Moreover, these findings offer a mechanistic explanation for the metabolic resilience of chromaffin cells in the face of SDH-b dysfunction and highlight potential targets—such as proton leak regulation and Complex I stabilization—for future therapeutic exploration.

A Platform for Future Exploration

While the current model simplifies certain aspects of cellular metabolism—such as treating glycolysis as a single net reaction or assuming a static extracellular environment—these choices have enabled a focused and computationally efficient framework centered on mitochondrial dynamics. Far from limiting its utility, they provide a solid foundation for future refinements.

Next steps include incorporating calcium fluxes, mitochondrial permeability transition pore (mPTP) behavior, and compartment-specific mitochondrial responses. These additions will enhance the model’s predictive power and biomedical relevance, allowing researchers to explore the interplay between metabolism and cellular stress signaling in greater detail.

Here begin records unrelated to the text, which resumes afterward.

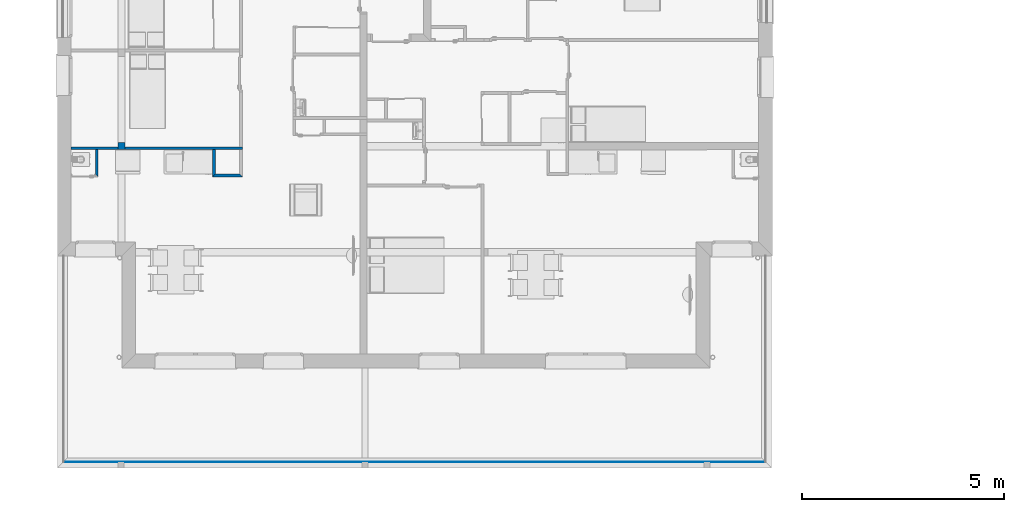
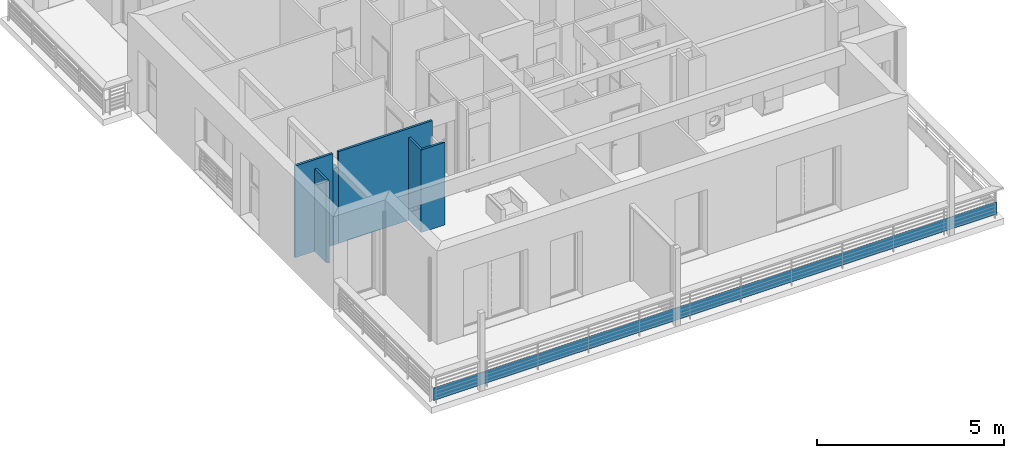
# One storey, part 4 of 165: 7 walls.
"""IFC2X3 building model written with IfcOpenShell, lengths in millimetres."""

from ifc_helpers import new_model, entity, si_unit, converted_unit, derived_unit, money_unit, direction, frame, origin_with_axes, place, context, subcontext, project, spatial, polyline, outline, extrude, material, layer, layer_set, layer_usage, type_object, element, save


model = new_model("IFC2X3")

# Units and contexts
model_context = context("Model", 3, precision=0.01, world=origin_with_axes(), true_north=direction((0.0, 1.0)))
body_context = subcontext(model_context, "Body", "Model", "MODEL_VIEW")
ifc_project = project(units=[si_unit("LENGTHUNIT", "METRE", prefix="MILLI"), si_unit("AREAUNIT", "SQUARE_METRE"), si_unit("VOLUMEUNIT", "CUBIC_METRE"), converted_unit("PLANEANGLEUNIT", "DEGREE", entity("IfcPlaneAngleMeasure", 0.0174532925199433), si_unit("PLANEANGLEUNIT", "RADIAN"), dimensions=[0, 0, 0, 0, 0, 0, 0]), money_unit("USD"), converted_unit("TIMEUNIT", "Year", entity("IfcTimeMeasure", 31557600.0), si_unit("TIMEUNIT", "SECOND"), dimensions=[0, 0, 1, 0, 0, 0, 0]), si_unit("MASSUNIT", "GRAM", prefix="KILO"), si_unit("THERMODYNAMICTEMPERATUREUNIT", "DEGREE_CELSIUS"), si_unit("LUMINOUSINTENSITYUNIT", "LUMEN"), si_unit("ENERGYUNIT", "JOULE", prefix="MEGA"), derived_unit("THERMALCONDUCTANCEUNIT", [(si_unit("POWERUNIT", "WATT"), 1), (si_unit("LENGTHUNIT", "METRE"), -1), (si_unit("THERMODYNAMICTEMPERATUREUNIT", "KELVIN"), -1)]), derived_unit("SPECIFICHEATCAPACITYUNIT", [(si_unit("ENERGYUNIT", "JOULE"), 1), (si_unit("MASSUNIT", "GRAM", prefix="KILO"), -1), (si_unit("THERMODYNAMICTEMPERATUREUNIT", "KELVIN"), -1)]), derived_unit("MASSDENSITYUNIT", [(si_unit("MASSUNIT", "GRAM", prefix="KILO"), 1), (si_unit("VOLUMEUNIT", "CUBIC_METRE"), -1)])], contexts=[model_context])

# Site, building, storey
site_placement = place(None, origin_with_axes())
site = spatial("IfcSite", under=ifc_project, at=site_placement, Name="Site", CompositionType="ELEMENT")
building_placement = place(site_placement, origin_with_axes())
building = spatial("IfcBuilding", under=site, at=building_placement, Name="Bâtiment", CompositionType="ELEMENT")
storey_placement = place(building_placement, frame((0.0, 0.0, 8500.0), z_axis=(0.0, 0.0, 1.0), x_axis=(1.0, 0.0, 0.0)))
storey = spatial("IfcBuildingStorey", under=building, at=storey_placement, Name="Etage 2", CompositionType="ELEMENT", Elevation=8500.0)

# Walls
ifc_material_1 = material(Name="Hachure solide 268963992")
ifc_layer_1 = layer(ifc_material_1, 70.0, ventilated="UNKNOWN")
ifc_layer_set_1 = layer_set([ifc_layer_1], Name="Cloison 70 0826278243")
ifc_layer_usage_1 = layer_usage(ifc_layer_set_1, "AXIS2", "POSITIVE", -70.0)
wall_type_1 = type_object("IfcWallType", Name="Cloison 70 0826278243 70", PredefinedType="NOTDEFINED")
wall_1_placement = place(storey_placement, frame((2220481.941023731, -653082.9598893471, 0.0), z_axis=(0.0, 0.0, 1.0), x_axis=(-0.0005802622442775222, 0.9999998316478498, 0.0)))
element("IfcWallStandardCase", 1, at=wall_1_placement, inside=storey, type_object=wall_type_1, material=ifc_layer_usage_1, Name="Mur-149", context=body_context, shape_type="SweptSolid", body=[
    extrude(outline(polyline([(69.95939342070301, -70.00000000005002), (670.237321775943, -70.00000000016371), (670.2779401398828, -1.13686837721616e-10), (0.0, 0.0), (69.95939342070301, -70.00000000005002)])), origin_with_axes(), (0.0, 0.0, 1.0), 2700.0),
])
ifc_layer_usage_2 = layer_usage(ifc_layer_set_1, "AXIS2", "POSITIVE", -70.0)
wall_2_placement = place(storey_placement, frame((2221152.351132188, -653082.9598893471, 0.0), z_axis=(0.0, 0.0, 1.0), x_axis=(-1.0, 0.0, 0.0)))
element("IfcWallStandardCase", 2, at=wall_2_placement, inside=storey, type_object=wall_type_1, material=ifc_layer_usage_2, Name="Mur-149", context=body_context, shape_type="SweptSolid", body=[
    extrude(outline(polyline([(-2.751221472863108e-07, -69.99999999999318), (600.4507150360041, -69.99999999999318), (670.4101084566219, 0.0), (-70.00000000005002, 0.0), (-2.751221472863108e-07, -69.99999999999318)])), origin_with_axes(), (0.0, 0.0, 1.0), 2700.0),
])
ifc_layer_usage_3 = layer_usage(ifc_layer_set_1, "AXIS2", "NEGATIVE", 70.0)
wall_3_placement = place(storey_placement, frame((2217644.64344762, -653082.9598893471, 0.0), z_axis=(0.0, 0.0, 1.0), x_axis=(0.0, 1.0, 0.0)))
element("IfcWallStandardCase", 3, at=wall_3_placement, inside=storey, type_object=wall_type_1, material=ifc_layer_usage_3, Name="Mur-149", context=body_context, shape_type="SweptSolid", body=[
    extrude(outline(polyline([(0.0, 0.0), (670.2778272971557, 0.0), (670.2778272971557, 70.00000000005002), (69.99999999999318, 70.00000000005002), (0.0, 0.0)])), origin_with_axes(), (0.0, 0.0, 1.0), 2700.0),
])
ifc_layer_usage_4 = layer_usage(ifc_layer_set_1, "AXIS2", "POSITIVE", -70.0)
wall_4_placement = place(storey_placement, frame((2221222.351167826, -652412.6820620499, 0.0), z_axis=(0.0, 0.0, 1.0), x_axis=(-1.0, 0.0, 0.0)))
element("IfcWallStandardCase", 4, at=wall_4_placement, inside=storey, type_object=wall_type_1, material=ifc_layer_usage_4, Name="Mur-149", context=body_context, shape_type="SweptSolid", body=[
    extrude(outline(polyline([(0.0, -69.99999999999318), (2908.122045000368, -69.99999999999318), (2908.122045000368, 0.0), (0.0, 0.0), (0.0, -69.99999999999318)])), origin_with_axes(), (0.0, 0.0, 1.0), 3000.0),
])
ifc_layer_usage_5 = layer_usage(ifc_layer_set_1, "AXIS2", "POSITIVE", -70.0)
wall_5_placement = place(storey_placement, frame((2218138.165121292, -652412.6820620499, 0.0), z_axis=(0.0, 0.0, 1.0), x_axis=(-1.0, 0.0, 0.0)))
element("IfcWallStandardCase", 5, at=wall_5_placement, inside=storey, type_object=wall_type_1, material=ifc_layer_usage_5, Name="Mur-149", context=body_context, shape_type="SweptSolid", body=[
    extrude(outline(polyline([(0.0, -69.99999999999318), (1163.931781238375, -69.99999999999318), (1163.93178127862, 0.0), (0.0, 0.0), (0.0, -69.99999999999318)])), origin_with_axes(), (0.0, 0.0, 1.0), 3000.0),
])
ifc_material_2 = material(Name="MANQUANT")
ifc_layer_2 = layer(ifc_material_2, 20.0, ventilated="UNKNOWN")
ifc_layer_set_2 = layer_set([ifc_layer_2], Name="MANQUANT 20")
ifc_layer_usage_6 = layer_usage(ifc_layer_set_2, "AXIS2", "NEGATIVE", 20.0)
wall_type_2 = type_object("IfcWallType", Name="MANQUANT 20", PredefinedType="NOTDEFINED")
wall_6_placement = place(storey_placement, frame((2216775.087519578, -660162.0180163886, 99.99999999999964), z_axis=(0.0, 0.0, 1.0), x_axis=(1.0, 0.0, 0.0)))
element("IfcWallStandardCase", 6, at=wall_6_placement, inside=storey, type_object=wall_type_2, material=ifc_layer_usage_6, Name="Mur-180", context=body_context, shape_type="SweptSolid", body=[
    extrude(outline(polyline([(0.0, 0.0), (17419.65010717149, 0.0), (17399.65010717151, 19.99999999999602), (19.99999999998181, 19.99999999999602), (0.0, 0.0)])), origin_with_axes(), (0.0, 0.0, 1.0), 400.0),
])
ifc_material_3 = material(Name="Parpaing 312445824")
ifc_layer_3 = layer(ifc_material_3, 180.0, ventilated="UNKNOWN")
ifc_layer_set_3 = layer_set([ifc_layer_3], Name="Beton  18 0836643197")
ifc_layer_usage_7 = layer_usage(ifc_layer_set_3, "AXIS2", "NEGATIVE", 0.0)
wall_type_3 = type_object("IfcWallType", Name="Beton  18 0836643197 180", PredefinedType="NOTDEFINED")
wall_7_placement = place(storey_placement, frame((2218314.229122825, -652412.6820620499, 0.0), z_axis=(0.0, 0.0, 1.0), x_axis=(-1.0, 0.0, 0.0)))
element("IfcWallStandardCase", 7, at=wall_7_placement, inside=storey, type_object=wall_type_3, material=ifc_layer_usage_7, Name="Mur-143", context=body_context, shape_type="SweptSolid", body=[
    extrude(outline(polyline([(0.0, -180.0000000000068), (176.0640015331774, -180.0000000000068), (176.0640015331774, 0.0), (0.0, 0.0), (0.0, -180.0000000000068)])), origin_with_axes(), (0.0, 0.0, 1.0), 2500.0),
])

save(model, "model.ifc")

For this study the bulk of my collaboration was with Elías. My role in the modelling process was including the regulatory effects of calcium on metabolite dynamics without modelling calcium dynamically. That being said, I enjoy collaborating with experimental biologists and clinicians, and figuring out how to use mathematics to answer questions and gain insights in physiology.

— Ielyaas Cloete (CRM)

Mathematics as a Tool for Biomedical Insight

This study exemplifies the power of mathematical modeling in biomedical research. By simulating the complex interplay between metabolism, ion transport, and mitochondrial dynamics, the authors offer a new lens through which to understand cellular resilience. The model provides a first step toward a robust framework for studying SDH-b loss and its consequences—not only in chromaffin cells but potentially in other pathological contexts.

As the model evolves, it may help uncover new strategies for stabilizing mitochondrial function in disease and inspire future research at the intersection of mathematics, biology, and medicine. Ultimately, this research shows how mathematics can help us understand—and perhaps one day treat—the hidden vulnerabilities of our cells.